Critical Microsoft Security Updates Address Multiple Vulnerabilities

Microsoft has released critical security updates addressing multiple vulnerabilities affecting Windows, Office, and Exchange Server. Attackers could exploit these vulnerabilities to gain system privileges or execute arbitrary code. Organizations must apply these updates immediately.

Affected Products

The following Microsoft products are affected:

• Windows 10 (version 1903 and later)
• Windows 11
• Microsoft Office 2019, 2021, and Microsoft 365
• Exchange Server 2019 and 2016
• Microsoft Edge (Chromium-based)

Critical Vulnerabilities

CVE-2023-23397 - Remote Code Execution

Severity: CVSS 9.8 (Critical)

A remote code execution vulnerability exists in the Microsoft Office suite. An attacker who successfully exploited this vulnerability could run arbitrary code in the context of the current user.

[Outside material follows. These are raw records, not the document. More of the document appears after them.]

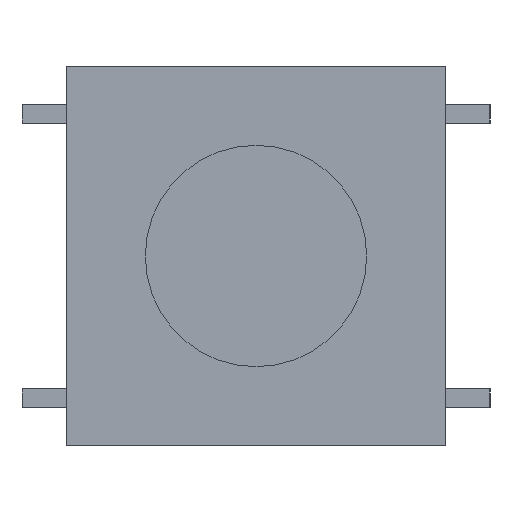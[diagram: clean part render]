
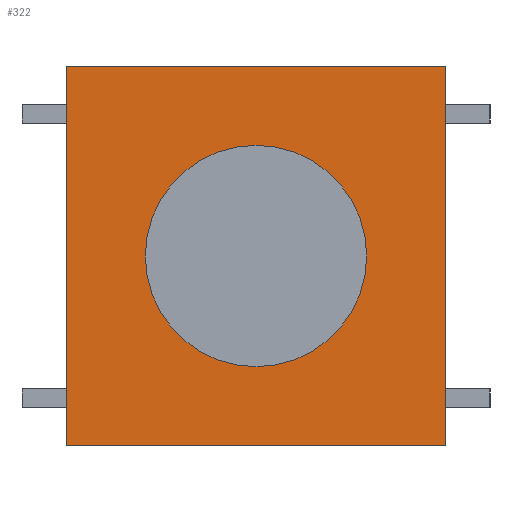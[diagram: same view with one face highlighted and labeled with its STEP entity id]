
A CAD part, left-side view. The second image highlights one B-rep face of the part: STEP entity #322.
In plain terms, the highlighted planar face has unit normal (-1, 0, 0).
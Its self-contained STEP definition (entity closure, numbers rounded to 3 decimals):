
#70 = PLANE('',#71);
#71 = AXIS2_PLACEMENT_3D('',#72,#73,#74);
#72 = CARTESIAN_POINT('',(-34.6,17.,-6.2));
#73 = DIRECTION('',(0.,0.,1.));
#74 = DIRECTION('',(1.,0.,-0.));
#95 = VERTEX_POINT('',#96);
#96 = CARTESIAN_POINT('',(-36.4,20.,-6.2));
#110 = PLANE('',#111);
#111 = AXIS2_PLACEMENT_3D('',#112,#113,#114);
#112 = CARTESIAN_POINT('',(-34.6,20.,-9.2));
#113 = DIRECTION('',(0.,-1.,0.));
#114 = DIRECTION('',(0.,0.,-1.));
#122 = EDGE_CURVE('',#95,#123,#125,.T.);
#123 = VERTEX_POINT('',#124);
#124 = CARTESIAN_POINT('',(-36.4,14.,-6.2));
#125 = SURFACE_CURVE('',#126,(#130,#137),.PCURVE_S1.);
#126 = LINE('',#127,#128);
#127 = CARTESIAN_POINT('',(-36.4,17.,-6.2));
#128 = VECTOR('',#129,1.);
#129 = DIRECTION('',(0.,-1.,0.));
#130 = PCURVE('',#70,#131);
#131 = DEFINITIONAL_REPRESENTATION('',(#132),#136);
#132 = LINE('',#133,#134);
#133 = CARTESIAN_POINT('',(-1.8,0.));
#134 = VECTOR('',#135,1.);
#135 = DIRECTION('',(0.,-1.));
#136 = ( GEOMETRIC_REPRESENTATION_CONTEXT(2) 
PARAMETRIC_REPRESENTATION_CONTEXT() REPRESENTATION_CONTEXT('2D SPACE',''
  ) );
#137 = PCURVE('',#138,#143);
#138 = PLANE('',#139);
#139 = AXIS2_PLACEMENT_3D('',#140,#141,#142);
#140 = CARTESIAN_POINT('',(-36.4,17.,-9.2));
#141 = DIRECTION('',(1.,0.,0.));
#142 = DIRECTION('',(0.,0.,-1.));
#143 = DEFINITIONAL_REPRESENTATION('',(#144),#148);
#144 = LINE('',#145,#146);
#145 = CARTESIAN_POINT('',(-3.,0.));
#146 = VECTOR('',#147,1.);
#147 = DIRECTION('',(0.,-1.));
#148 = ( GEOMETRIC_REPRESENTATION_CONTEXT(2) 
PARAMETRIC_REPRESENTATION_CONTEXT() REPRESENTATION_CONTEXT('2D SPACE',''
  ) );
#164 = PLANE('',#165);
#165 = AXIS2_PLACEMENT_3D('',#166,#167,#168);
#166 = CARTESIAN_POINT('',(-34.6,14.,-9.2));
#167 = DIRECTION('',(0.,1.,0.));
#168 = DIRECTION('',(0.,-0.,1.));
#190 = PLANE('',#191);
#191 = AXIS2_PLACEMENT_3D('',#192,#193,#194);
#192 = CARTESIAN_POINT('',(-34.6,17.,-12.2));
#193 = DIRECTION('',(0.,0.,1.));
#194 = DIRECTION('',(1.,0.,-0.));
#210 = VERTEX_POINT('',#211);
#211 = CARTESIAN_POINT('',(-36.4,14.,-12.2));
#232 = EDGE_CURVE('',#210,#233,#235,.T.);
#233 = VERTEX_POINT('',#234);
#234 = CARTESIAN_POINT('',(-36.4,20.,-12.2));
#235 = SURFACE_CURVE('',#236,(#240,#247),.PCURVE_S1.);
#236 = LINE('',#237,#238);
#237 = CARTESIAN_POINT('',(-36.4,17.,-12.2));
#238 = VECTOR('',#239,1.);
#239 = DIRECTION('',(0.,1.,0.));
#240 = PCURVE('',#190,#241);
#241 = DEFINITIONAL_REPRESENTATION('',(#242),#246);
#242 = LINE('',#243,#244);
#243 = CARTESIAN_POINT('',(-1.8,0.));
#244 = VECTOR('',#245,1.);
#245 = DIRECTION('',(0.,1.));
#246 = ( GEOMETRIC_REPRESENTATION_CONTEXT(2) 
PARAMETRIC_REPRESENTATION_CONTEXT() REPRESENTATION_CONTEXT('2D SPACE',''
  ) );
#247 = PCURVE('',#138,#248);
#248 = DEFINITIONAL_REPRESENTATION('',(#249),#253);
#249 = LINE('',#250,#251);
#250 = CARTESIAN_POINT('',(3.,0.));
#251 = VECTOR('',#252,1.);
#252 = DIRECTION('',(0.,1.));
#253 = ( GEOMETRIC_REPRESENTATION_CONTEXT(2) 
PARAMETRIC_REPRESENTATION_CONTEXT() REPRESENTATION_CONTEXT('2D SPACE',''
  ) );
#279 = EDGE_CURVE('',#123,#210,#280,.T.);
#280 = SURFACE_CURVE('',#281,(#285,#292),.PCURVE_S1.);
#281 = LINE('',#282,#283);
#282 = CARTESIAN_POINT('',(-36.4,14.,-9.2));
#283 = VECTOR('',#284,1.);
#284 = DIRECTION('',(0.,0.,-1.));
#285 = PCURVE('',#164,#286);
#286 = DEFINITIONAL_REPRESENTATION('',(#287),#291);
#287 = LINE('',#288,#289);
#288 = CARTESIAN_POINT('',(0.,-1.8));
#289 = VECTOR('',#290,1.);
#290 = DIRECTION('',(-1.,0.));
#291 = ( GEOMETRIC_REPRESENTATION_CONTEXT(2) 
PARAMETRIC_REPRESENTATION_CONTEXT() REPRESENTATION_CONTEXT('2D SPACE',''
  ) );
#292 = PCURVE('',#138,#293);
#293 = DEFINITIONAL_REPRESENTATION('',(#294),#298);
#294 = LINE('',#295,#296);
#295 = CARTESIAN_POINT('',(0.,-3.));
#296 = VECTOR('',#297,1.);
#297 = DIRECTION('',(1.,0.));
#298 = ( GEOMETRIC_REPRESENTATION_CONTEXT(2) 
PARAMETRIC_REPRESENTATION_CONTEXT() REPRESENTATION_CONTEXT('2D SPACE',''
  ) );
#322 = ADVANCED_FACE('',(#323),#138,.F.);
#323 = FACE_BOUND('',#324,.T.);
#324 = EDGE_LOOP('',(#325,#346,#347,#348));
#325 = ORIENTED_EDGE('',*,*,#326,.T.);
#326 = EDGE_CURVE('',#95,#233,#327,.T.);
#327 = SURFACE_CURVE('',#328,(#332,#339),.PCURVE_S1.);
#328 = LINE('',#329,#330);
#329 = CARTESIAN_POINT('',(-36.4,20.,-9.2));
#330 = VECTOR('',#331,1.);
#331 = DIRECTION('',(0.,0.,-1.));
#332 = PCURVE('',#138,#333);
#333 = DEFINITIONAL_REPRESENTATION('',(#334),#338);
#334 = LINE('',#335,#336);
#335 = CARTESIAN_POINT('',(0.,3.));
#336 = VECTOR('',#337,1.);
#337 = DIRECTION('',(1.,0.));
#338 = ( GEOMETRIC_REPRESENTATION_CONTEXT(2) 
PARAMETRIC_REPRESENTATION_CONTEXT() REPRESENTATION_CONTEXT('2D SPACE',''
  ) );
#339 = PCURVE('',#110,#340);
#340 = DEFINITIONAL_REPRESENTATION('',(#341),#345);
#341 = LINE('',#342,#343);
#342 = CARTESIAN_POINT('',(0.,-1.8));
#343 = VECTOR('',#344,1.);
#344 = DIRECTION('',(1.,0.));
#345 = ( GEOMETRIC_REPRESENTATION_CONTEXT(2) 
PARAMETRIC_REPRESENTATION_CONTEXT() REPRESENTATION_CONTEXT('2D SPACE',''
  ) );
#346 = ORIENTED_EDGE('',*,*,#232,.F.);
#347 = ORIENTED_EDGE('',*,*,#279,.F.);
#348 = ORIENTED_EDGE('',*,*,#122,.F.);

Attackers can exploit this vulnerability by convincing a user to open a specially crafted Office document. The vulnerability exists due to improper memory handling when parsing Office files.

CVE-2023-23398 - Elevation of Privilege

Severity: CVSS 7.8 (High)

An elevation of privilege vulnerability exists in Windows. An attacker could exploit this vulnerability to gain elevated privileges on a target system.

The vulnerability exists when the Windows kernel improperly handles objects in memory. An attacker who successfully exploited this vulnerability could run arbitrary code with SYSTEM privileges.

CVE-2023-23399 - Information Disclosure

Severity: CVSS 5.9 (Medium)

An information disclosure vulnerability exists in Exchange Server. An attacker who successfully exploited this vulnerability could read arbitrary data from the server.

The vulnerability exists due to improper access control in Exchange Web Services. An attacker could exploit this vulnerability by sending a specially crafted request to the Exchange server.

Mitigation Steps

Apply Security Updates

Microsoft has released security updates to address these vulnerabilities. Organizations should apply the following updates immediately:

• Windows Security Update - May 2023
• Microsoft Security Bulletin MS23-510
• Exchange Server Security Update

Implement Workarounds

If immediate patching is not possible, implement the following workarounds:

1. Office Vulnerability (CVE-2023-23397):

   • Set registry key to disable Office macros
   • Block Office file types from email attachments
   • Enable Protected View in all Office applications

2. Windows Vulnerability (CVE-2023-23398):

   • Restrict local user privileges
   • Enable Windows Defender Exploit Guard
   • Configure Windows Defender Application Control

3. Exchange Vulnerability (CVE-2023-23399):

   • Restrict access to Exchange Web Services
   • Implement IP whitelisting for Exchange server
   • Enable additional authentication methods

Deployment Timeline

• Immediate: Organizations should assess vulnerability exposure
• Within 72 hours: Test updates in non-production environments
• Within 7 days: Deploy updates to production systems
• Within 30 days: Complete deployment across all systems

Additional Resources

• Microsoft Security Response Center
• CISA Alert AA23-136A
• NIST National Vulnerability Database

Organizations should monitor their systems for any signs of exploitation and report suspicious activity to their security teams. Microsoft continues to investigate these vulnerabilities and may release additional updates as needed.